The distance used to construct the phylogeny in our strategy is a measure of the conservation of gene relationships between two organisms, which is completely different from the gene content method that is based on the conservation of shared genes (Figure S1, Table S5). The main contribution of the distance is the relationships of gene in the genome context. If the genes were independent of others, our method will give similar result as the gene content methods. However, the relationships between genes should be considered for the actual organisms [40] and be used for phylogenetical analysis.

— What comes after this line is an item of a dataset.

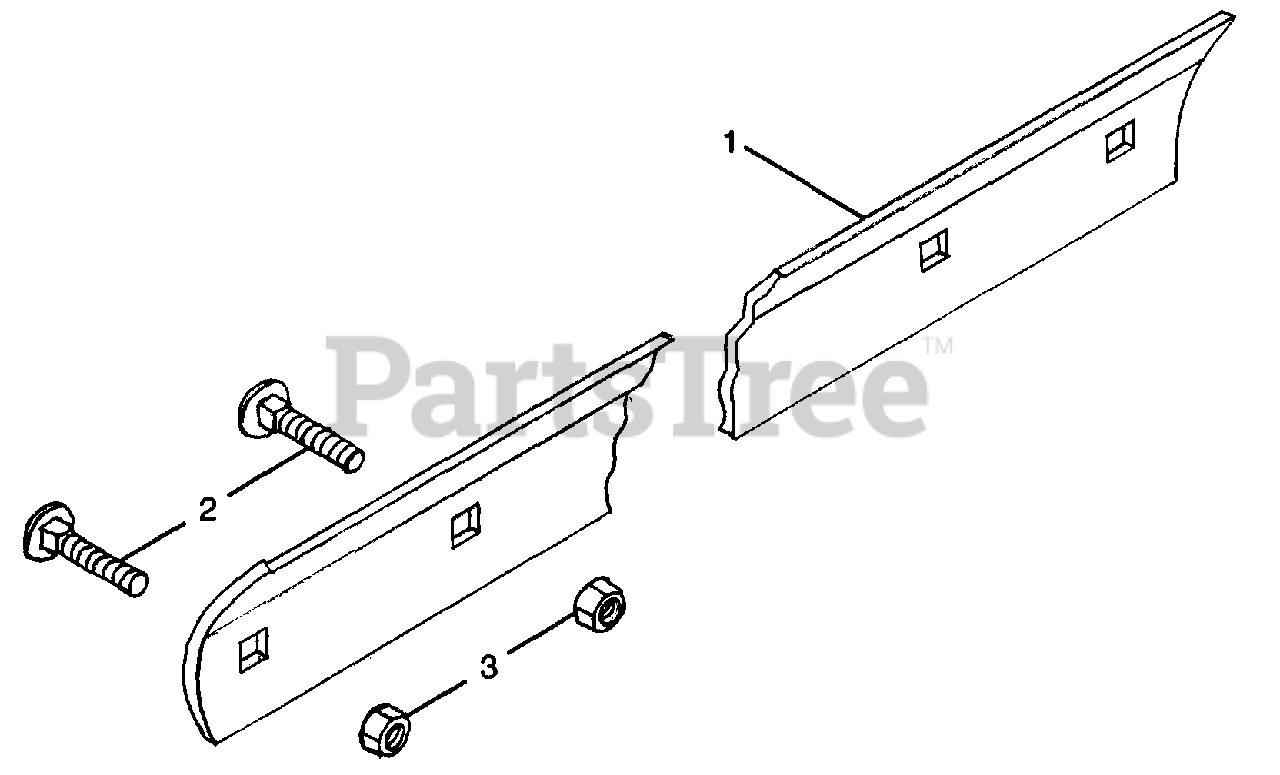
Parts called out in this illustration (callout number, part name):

To better understand the influence of accuracy and number of edges in the networks on the resolution of phylogenetic tree and to explore the trends when more data are available, we conducted simulation analyses on the consensus tree in Figure 2 (see Material and Methods). The level of statistical support, which was expressed as the mean value of robustness proportion for internal nodes observed in the template tree, was plotted as a function of the factors to be simulated (Figure 3). With a step of 10% to randomize the network, we performed an edge randomize simulation to study the effect of the randomized edges in the gene network, showing a significant negative correlation between the statistical support and randomizing degree of the network (p<0.0001; r = −0.9790; Figure 3A). As shown in Figure 3A, the statistical support drops down slowly when the randomizing degree is less than 40%, indicating the error-tolerance of our approach. It decreases rapidly with increasing randomizing degree greater than 40%, suggesting that a mass of error edges in the gene networks can produce an unstable phylogenetic tree. To simulate the effect of increasing the number of edges, we conducted an edge recall simulation with a step size of 10% to recall the entire gene network. As seen in Figure 3B, the statistical support correlates positively with the proportion of the recalled edges in the whole gene network (p<0.01; r = 0.8458; Figure 3B). Similarly, a critical point of 40% is found in Figure 3B. When the proportion of recalled edges is greater than this value, the statistical support rises slowly, which hints that phylogenetic signals in more than 40% of the ideal gene relationship data are sufficient to generate a highly resolved phylogenetic tree (RP>80%). The results of these simulations suggest that adding more edges with high accuracy in the gene network will greatly increase the resolution of the phylogenetic tree.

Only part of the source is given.